Regions with significant populations
- Russia, Chuvashia, Mari El

Languages
- Upper Chuvash, Chuvash

Religion
- Russian Orthodox, Chuvash Paganism

Related ethnic groups
- Chuvash people, Anatri, Anat jenchi

= Virjal =

Turkic people of Eastern Europe and Central Asia

Virjal or Viryal (вир [vir] — upper, west and ял [yal] — village, community) is a subgroup of Chuvash people. Denomination "Virjal", i. e. upper, living upstream of Volga River, is opposed to Anatri (анат [anat] — lower, east), i. e. Lower Chuvash, living downstream of Volga River.

==Origin==
Some scientists suggest Upper Chuvash descend from Hill Maris, assimilated by Chuvashs. Anthropological analysis via mathematical simulation suggests Hill Maris and Upper Chuvashs are represented by the same anthropological type.

==Historical evidence==
Russian chronicles refer to Upper Chuvashs and Hill Maris as "cheremisa gorniaya" ("черемиса горняя", literally Hill Cheremis).

==Traditional dress==
Virjal women's dress cut is virtually the same as Hill Mari women's dress as Nina Gagen-Torn and others refer.

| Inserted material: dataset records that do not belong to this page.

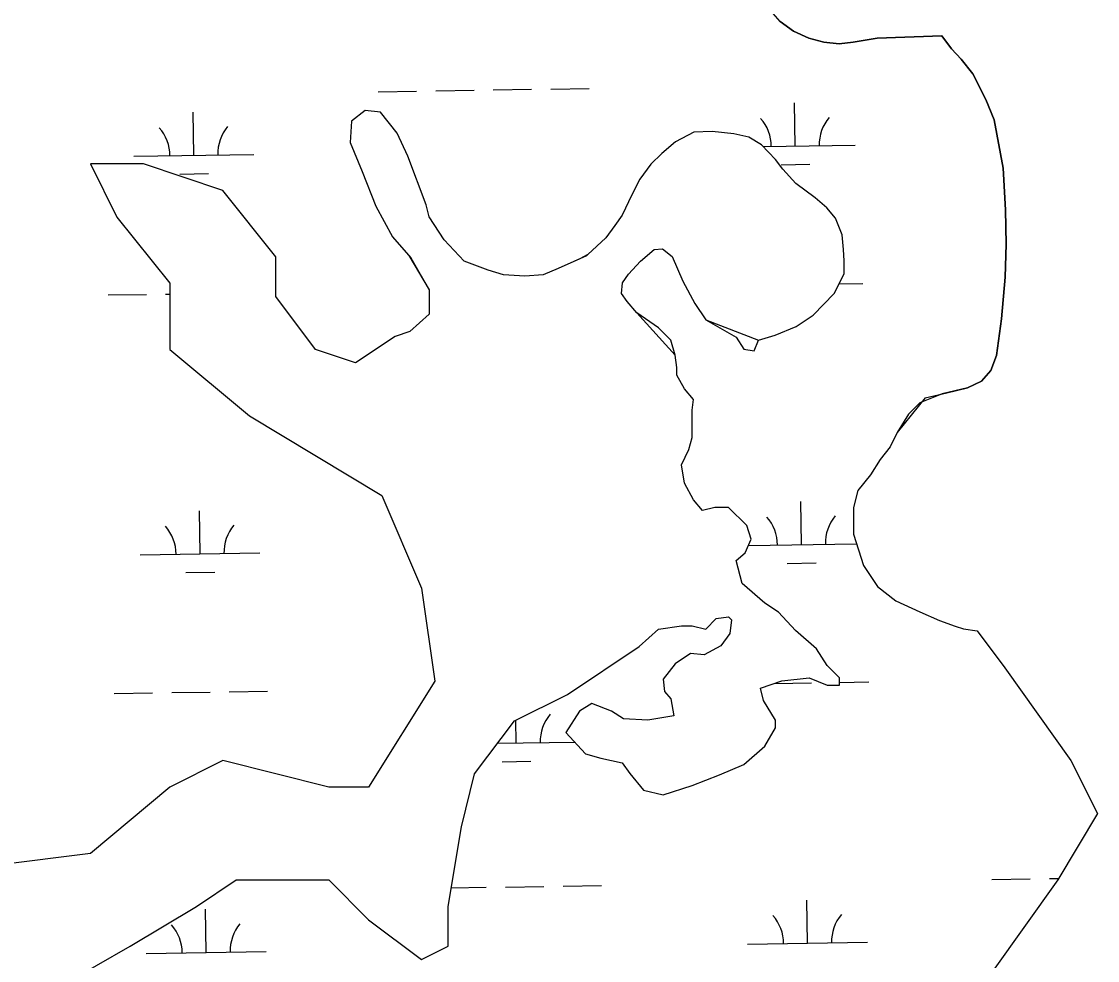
# Model space of a CAD drawing. Extents: x 3823584 to 3861785, y 301729 to 327625.
# Drawn here: x 3845662 to 3846560, y 308167 to 308951 of the extents above; entities that cross this region are included whole.
import ezdxf

# ---------------------------------------------------------------- set-up
doc = ezdxf.new("R2010")
doc.units = 0
for name, color, linetype in [('V-RIVR-GAGE', 7, 'Continuous'), ('V-TOPO-SHOR', 7, 'Continuous'), ('V-WETL-SWMP', 7, 'Continuous')]:
    doc.layers.add(name, color=color, linetype=linetype)

msp = doc.modelspace()

# ---------------------------------------------------------------- linework, layer by layer
at = {"layer": 'V-RIVR-GAGE'}
for p, q in [((3845948.54, 308876.85), (3845937.13, 308867.97)), ((3845961.23, 308875.59), (3845948.54, 308876.85)), ((3845975.18, 308857.82), (3845961.23, 308875.59)), ((3845937.13, 308867.97), (3845935.86, 308850.2)), ((3845984.05, 308838.78), (3845975.18, 308857.82)), ((3845935.86, 308850.2), (3845946.01, 308826.09)), ((3845999.27, 308798.17), (3845984.05, 308838.78)), ((3845763.4, 308832.24), (3845730.65, 308832.24)), ((3845829.75, 308810.11), (3845763.4, 308832.24)), ((3845946.01, 308826.09), (3845957.42, 308796.91)), ((3845957.42, 308796.91), (3845971.37, 308771.52)), ((3846001.81, 308788.02), (3845999.27, 308798.17)), ((3846014.49, 308768.99), (3846001.81, 308788.02)), ((3845971.37, 308771.52), (3845984.91, 308755.72)), ((3846030.98, 308751.22), (3846014.49, 308768.99)), ((3846051.27, 308743.61), (3846030.98, 308751.22)), ((3846127.74, 308753.08), (3846109.62, 308744.87)), ((3846063.96, 308739.8), (3846051.27, 308743.61)), ((3846081.71, 308738.53), (3846063.96, 308739.8)), ((3846096.93, 308739.8), (3846081.71, 308738.53)), ((3846109.62, 308744.87), (3846096.93, 308739.8))]:
    msp.add_line(p, q, dxfattribs=at)
at = {"layer": 'V-TOPO-SHOR'}
for p, q in [((3845730.99, 308832.24), (3845719.17, 308832.24)), ((3845719.17, 308832.24), (3845741.28, 308787.97)), ((3845873.98, 308754.78), (3845829.75, 308810.11)), ((3845741.28, 308787.97), (3845785.52, 308732.64)), ((3845984.91, 308755.72), (3846001.81, 308727.11)), ((3845873.98, 308721.58), (3845873.98, 308754.78)), ((3845785.52, 308732.64), (3845785.52, 308677.32)), ((3845907.16, 308677.32), (3845873.98, 308721.58)), ((3846001.81, 308727.11), (3846001.81, 308706.8)), ((3846001.81, 308706.8), (3845985.87, 308692.51)), ((3846207.27, 308672.54), (3846175.15, 308708.02)), ((3846232.77, 308702.06), (3846276.76, 308685.17)), ((3845985.87, 308692.51), (3845973.5, 308688.38)), ((3845973.5, 308688.38), (3845940.33, 308666.25)), ((3845785.52, 308677.32), (3845851.86, 308621.99)), ((3845940.33, 308666.25), (3845907.16, 308677.32)), ((3846208.54, 308662.39), (3846207.27, 308672.54)), ((3846208.54, 308656.04), (3846208.54, 308662.39)), ((3846214.88, 308644.62), (3846208.54, 308656.04)), ((3846222.49, 308635.74), (3846214.88, 308644.62)), ((3846221.23, 308626.85), (3846222.49, 308635.74)), ((3846415.87, 308636.94), (3846392.48, 308608.03)), ((3845851.86, 308621.99), (3845962.45, 308555.59)), ((3846221.23, 308611.63), (3846221.23, 308626.85)), ((3846221.23, 308604.01), (3846221.23, 308611.63)), ((3846218.69, 308593.86), (3846221.23, 308604.01)), ((3846392.48, 308608.03), (3846386.59, 308596.24)), ((3846212.35, 308581.17), (3846218.69, 308593.86)), ((3846386.59, 308596.24), (3846378.35, 308585.63)), ((3846378.35, 308585.63), (3846370.1, 308572.67)), ((3846214.88, 308565.94), (3846212.35, 308581.17)), ((3846370.1, 308572.67), (3846359.5, 308559.7)), ((3846222.49, 308551.98), (3846214.88, 308565.94)), ((3846359.5, 308559.7), (3846355.96, 308545.56)), ((3845962.45, 308555.59), (3845995.62, 308478.13)), ((3846230.1, 308543.1), (3846222.49, 308551.98)), ((3846240.25, 308545.64), (3846230.1, 308543.1)), ((3846251.66, 308545.64), (3846240.25, 308545.64)), ((3846266.88, 308530.41), (3846251.66, 308545.64)), ((3846355.96, 308545.56), (3846355.96, 308523.16)), ((3846270.69, 308518.99), (3846266.88, 308530.41)), ((3846355.96, 308523.16), (3846364.21, 308497.23)), ((3846265.62, 308507.56), (3846270.69, 308518.99)), ((3846258.01, 308501.22), (3846265.62, 308507.56)), ((3846263.08, 308482.18), (3846258.01, 308501.22)), ((3846364.21, 308497.23), (3846375.99, 308479.55)), ((3845995.62, 308478.13), (3846006.68, 308400.67)), ((3846282.1, 308465.69), (3846263.08, 308482.18)), ((3846375.99, 308479.55), (3846391.3, 308467.77)), ((3846391.3, 308467.77), (3846411.33, 308458.34)), ((3846293.52, 308458.07), (3846282.1, 308465.69)), ((3846232.64, 308444.11), (3846241.52, 308453)), ((3846241.52, 308453), (3846251.66, 308454.26)), ((3846251.66, 308454.26), (3846254.2, 308451.73)), ((3846254.2, 308451.73), (3846252.93, 308440.3)), ((3846307.47, 308442.84), (3846293.52, 308458.07)), ((3846411.33, 308458.34), (3846427.82, 308451.27)), ((3846427.82, 308451.27), (3846440.78, 308446.55)), ((3846177.22, 308429.6), (3846193.32, 308444.11)), ((3846193.32, 308444.11), (3846212.35, 308446.65)), ((3846212.35, 308446.65), (3846221.23, 308446.65)), ((3846221.23, 308446.65), (3846232.64, 308444.11)), ((3846325.23, 308427.61), (3846307.47, 308442.84)), ((3846440.78, 308446.55), (3846447.85, 308444.19)), ((3846447.85, 308444.19), (3846459.15, 308442.47)), ((3846459.15, 308442.47), (3846482.18, 308411.73)), ((3846252.93, 308440.3), (3846245.32, 308430.15)), ((3846117.26, 308389.6), (3846177.22, 308429.6)), ((3846219.96, 308423.81), (3846207.27, 308414.92)), ((3846231.37, 308422.54), (3846219.96, 308423.81)), ((3846245.32, 308430.15), (3846231.37, 308422.54)), ((3846334.1, 308413.65), (3846325.23, 308427.61)), ((3846207.27, 308414.92), (3846197.13, 308402.23)), ((3846344.25, 308403.5), (3846334.1, 308413.65)), ((3846482.18, 308411.73), (3846537.47, 308334.27)), ((3846006.68, 308400.67), (3845951.39, 308312.14)), ((3846197.13, 308402.23), (3846198.4, 308392.08)), ((3846278.3, 308394.62), (3846296.06, 308400.96)), ((3846296.06, 308400.96), (3846318.88, 308403.5)), ((3846318.88, 308403.5), (3846334.1, 308397.16)), ((3846334.1, 308397.16), (3846344.25, 308397.16)), ((3846344.25, 308397.16), (3846344.25, 308403.5)), ((3846073.03, 308367.47), (3846117.26, 308389.6)), ((3846198.4, 308392.08), (3846203.47, 308385.74)), ((3846280.84, 308384.47), (3846278.3, 308394.62)), ((3846137.52, 308381.93), (3846127.37, 308375.58)), ((3846154.01, 308375.58), (3846137.52, 308381.93)), ((3846203.47, 308385.74), (3846206.01, 308371.78)), ((3846290.98, 308367.97), (3846280.84, 308384.47)), ((3846127.37, 308375.58), (3846115.96, 308357.82)), ((3846164.15, 308369.24), (3846154.01, 308375.58)), ((3846184.45, 308367.97), (3846164.15, 308369.24)), ((3846206.01, 308371.78), (3846184.45, 308367.97)), ((3846039.85, 308323.21), (3846073.03, 308367.47)), ((3846282.1, 308346.4), (3846290.98, 308361.62)), ((3846290.98, 308361.62), (3846290.98, 308367.97)), ((3846115.96, 308357.82), (3846132.45, 308340.05)), ((3846264.35, 308331.17), (3846282.1, 308346.4)), ((3845829.75, 308334.27), (3845785.52, 308312.14)), ((3845918.21, 308312.14), (3845829.75, 308334.27)), ((3846132.45, 308340.05), (3846145.13, 308336.24)), ((3846145.13, 308336.24), (3846162.88, 308332.44)), ((3846537.47, 308334.27), (3846559.59, 308290.01)), ((3846162.88, 308332.44), (3846169.23, 308323.55)), ((3846244.05, 308322.28), (3846264.35, 308331.17)), ((3846028.8, 308278.94), (3846039.85, 308323.21)), ((3846169.23, 308323.55), (3846180.64, 308309.59)), ((3846221.23, 308313.4), (3846244.05, 308322.28)), ((3845785.52, 308312.14), (3845719.17, 308256.81)), ((3845951.39, 308312.14), (3845918.21, 308312.14)), ((3846180.64, 308309.59), (3846197.13, 308305.79)), ((3846197.13, 308305.79), (3846221.23, 308313.4)), ((3846559.59, 308290.01), (3846526.42, 308234.68)), ((3846017.74, 308212.55), (3846028.8, 308278.94)), ((3845719.17, 308256.81), (3845630.7, 308245.74)), ((3845807.63, 308212.55), (3845840.81, 308234.68)), ((3845840.81, 308234.68), (3845918.21, 308234.68)), ((3845918.21, 308234.68), (3845951.39, 308201.48)), ((3846526.42, 308234.68), (3846471.12, 308157.22)), ((3845752.34, 308179.35), (3845807.63, 308212.55)), ((3846017.74, 308179.35), (3846017.74, 308212.55)), ((3845951.39, 308201.48), (3845995.62, 308168.28)), ((3845674.93, 308135.09), (3845752.34, 308179.35)), ((3845995.62, 308168.28), (3846017.74, 308179.35))]:
    msp.add_line(p, q, dxfattribs=at)
for points in [[(3846429.59, 308939.27), (3846375.81, 308937.33), (3846355.85, 308933.9), (3846343.99, 308932.49), (3846331.33, 308933.83), (3846318.86, 308937.16), (3846305.79, 308943.05), (3846294.89, 308951.12), (3846285.17, 308962.37)], [(3846415.87, 308636.94), (3846433.83, 308641.34), (3846451.01, 308645.34), (3846462.85, 308650.91), (3846470.53, 308659.82), (3846475.43, 308672.48), (3846479.49, 308703.12), (3846482.54, 308737.9), (3846483.45, 308765.36), (3846482.97, 308794.01), (3846480.89, 308828.78), (3846473.46, 308869.06), (3846466.3, 308886.03), (3846455.57, 308907.53), (3846445.85, 308919.75), (3846437.72, 308928.42), (3846429.59, 308939.27)], [(3846276.76, 308685.17), (3846290.6, 308689.37), (3846308.2, 308696.54), (3846322.22, 308706.09), (3846339.78, 308724.15), (3846348.25, 308740.6), (3846348.21, 308751.29), (3846347.59, 308760.99), (3846346.56, 308773.06), (3846340.98, 308786.9), (3846333.83, 308795.58), (3846323.91, 308804.07), (3846307.84, 308815.89), (3846297.12, 308827.94), (3846290.96, 308836.03), (3846279.24, 308848.07), (3846268.53, 308854.57), (3846256.25, 308857.51), (3846238.04, 308859.23), (3846222.8, 308858.79), (3846207.58, 308850.83), (3846196.13, 308840.9), (3846186.86, 308831.96), (3846177.79, 308819.47), (3846171.1, 308806.38), (3846162.83, 308789.53), (3846156.73, 308780.81), (3846149.43, 308770.69), (3846134.43, 308756.79), (3846127.74, 308753.08)], [(3846175.15, 308708.02), (3846167.21, 308717.5), (3846162.44, 308724.02), (3846163.2, 308733.12), (3846168.33, 308740.27), (3846178.39, 308750.98), (3846189.64, 308760.91), (3846196.57, 308761.33), (3846204.7, 308755.02), (3846213.47, 308734.46), (3846223.62, 308715.89), (3846232.77, 308702.06)]]:
    msp.add_lwpolyline(points, dxfattribs=at)
at = {"layer": 'V-WETL-SWMP'}
for p, q in [((3846294.89, 308951.13), (3846305.79, 308943.05)), ((3846305.79, 308943.05), (3846318.86, 308937.16)), ((3846318.86, 308937.16), (3846331.33, 308933.83)), ((3846355.85, 308933.91), (3846375.81, 308937.33)), ((3846375.81, 308937.33), (3846429.59, 308939.27)), ((3846429.59, 308939.27), (3846437.72, 308928.43)), ((3846331.33, 308933.83), (3846343.99, 308932.49)), ((3846343.99, 308932.49), (3846355.85, 308933.91)), ((3846437.72, 308928.43), (3846445.85, 308919.76)), ((3846445.85, 308919.76), (3846455.57, 308907.54)), ((3846455.57, 308907.54), (3846466.3, 308886.03)), ((3845959.35, 308892.56), (3845991.35, 308893.06)), ((3846007.35, 308893.3), (3846039.34, 308893.8)), ((3846055.34, 308894.04), (3846087.34, 308894.54)), ((3846103.34, 308894.78), (3846135.33, 308895.28)), ((3846307.41, 308847.18), (3846306.85, 308883.18)), ((3846466.3, 308886.03), (3846473.46, 308869.06)), ((3845805.56, 308839.45), (3845805.01, 308875.44)), ((3845948.54, 308876.85), (3845937.13, 308867.97)), ((3845961.23, 308875.59), (3845948.54, 308876.85)), ((3845975.18, 308857.82), (3845961.23, 308875.59)), ((3845937.13, 308867.97), (3845935.86, 308850.2)), ((3846473.46, 308869.06), (3846480.89, 308828.78)), ((3845984.05, 308838.78), (3845975.18, 308857.82)), ((3846222.8, 308858.79), (3846207.58, 308850.83)), ((3846238.04, 308859.23), (3846222.8, 308858.79)), ((3846256.26, 308857.51), (3846238.04, 308859.23)), ((3846268.54, 308854.57), (3846256.26, 308857.51)), ((3846279.24, 308848.07), (3846268.54, 308854.57)), ((3845935.86, 308850.2), (3845946.01, 308826.09)), ((3846207.58, 308850.83), (3846196.13, 308840.9)), ((3846290.96, 308836.04), (3846279.24, 308848.07)), ((3846280.51, 308846.77), (3846357.4, 308847.95)), ((3845755.57, 308838.67), (3845855.55, 308840.22)), ((3845999.27, 308798.17), (3845984.05, 308838.78)), ((3846196.13, 308840.9), (3846186.86, 308831.96)), ((3846297.12, 308827.94), (3846290.96, 308836.04)), ((3845763.4, 308832.24), (3845719.17, 308832.24)), ((3845719.17, 308832.24), (3845741.28, 308787.97)), ((3845829.75, 308810.11), (3845763.4, 308832.24)), ((3846186.86, 308831.96), (3846177.79, 308819.47)), ((3846295.65, 308831.57), (3846319.65, 308831.94)), ((3846307.84, 308815.9), (3846297.12, 308827.94)), ((3846480.89, 308828.78), (3846482.97, 308794.01)), ((3845793.8, 308823.83), (3845817.8, 308824.2)), ((3845946.01, 308826.09), (3845957.42, 308796.91)), ((3846177.79, 308819.47), (3846171.1, 308806.38)), ((3845873.98, 308754.78), (3845829.75, 308810.11)), ((3846323.91, 308804.07), (3846307.84, 308815.9)), ((3846171.1, 308806.38), (3846162.84, 308789.54)), ((3846333.83, 308795.59), (3846323.91, 308804.07)), ((3845957.42, 308796.91), (3845971.37, 308771.52)), ((3846001.81, 308788.02), (3845999.27, 308798.17)), ((3846340.98, 308786.9), (3846333.83, 308795.59)), ((3846482.97, 308794.01), (3846483.45, 308765.37)), ((3845741.28, 308787.97), (3845785.52, 308732.64)), ((3846014.49, 308768.99), (3846001.81, 308788.02)), ((3846162.84, 308789.54), (3846156.73, 308780.81)), ((3846346.56, 308773.06), (3846340.98, 308786.9)), ((3846156.73, 308780.81), (3846149.43, 308770.69)), ((3846347.59, 308760.99), (3846346.56, 308773.06)), ((3845971.37, 308771.52), (3845986.59, 308753.76)), ((3846030.98, 308751.22), (3846014.49, 308768.99)), ((3846149.43, 308770.69), (3846134.43, 308756.79)), ((3846483.45, 308765.37), (3846482.54, 308737.9)), ((3846133.2, 308755.56), (3846109.62, 308744.87)), ((3846134.43, 308756.79), (3846133.2, 308755.56)), ((3846178.39, 308750.99), (3846189.64, 308760.92)), ((3846189.64, 308760.92), (3846196.57, 308761.33)), ((3846196.57, 308761.33), (3846204.7, 308755.02)), ((3846348.21, 308751.29), (3846347.59, 308760.99)), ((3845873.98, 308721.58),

Virjal and Hill Mari had similar technology of making bast shoes which was different from the one used by Anatri. Upper Chuvashs wore long footwraps and puttees. Feet wrapping was thick, similar to that of Finno Ugric neighbours. Virjal had black broadcloth footwraps, Anat Jenchi (Middle Lower Chuvashs) had black and white ones, and Anatri had just white.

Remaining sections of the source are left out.